- EXTRACTED ENTRIES:
____

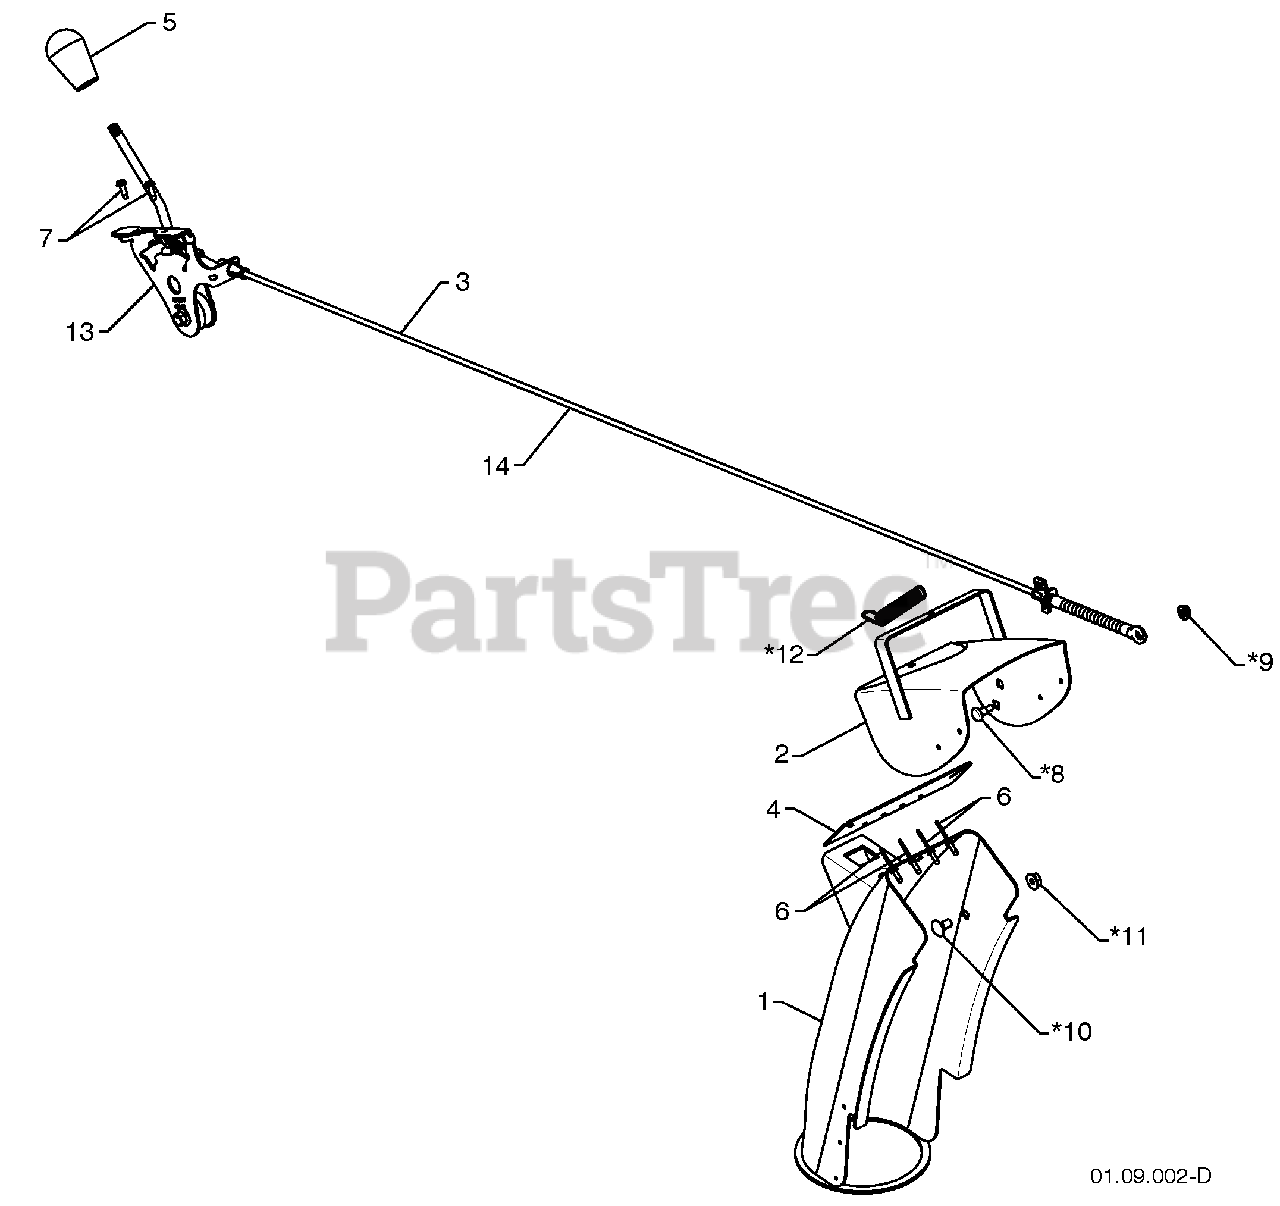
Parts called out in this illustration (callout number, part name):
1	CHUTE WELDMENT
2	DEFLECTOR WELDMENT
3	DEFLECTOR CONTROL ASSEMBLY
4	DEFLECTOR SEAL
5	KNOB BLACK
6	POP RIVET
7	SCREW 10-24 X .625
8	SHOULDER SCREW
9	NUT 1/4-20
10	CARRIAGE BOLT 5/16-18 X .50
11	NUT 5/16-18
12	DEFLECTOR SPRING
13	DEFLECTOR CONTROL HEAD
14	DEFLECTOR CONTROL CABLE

____

- TASK TO COMPLETE:
From the listing above, copy every line where the string "DEFLECTOR" is found.

- RESULT OF THE TASK:
2	DEFLECTOR WELDMENT
3	DEFLECTOR CONTROL ASSEMBLY
4	DEFLECTOR SEAL
12	DEFLECTOR SPRING
13	DEFLECTOR CONTROL HEAD
14	DEFLECTOR CONTROL CABLE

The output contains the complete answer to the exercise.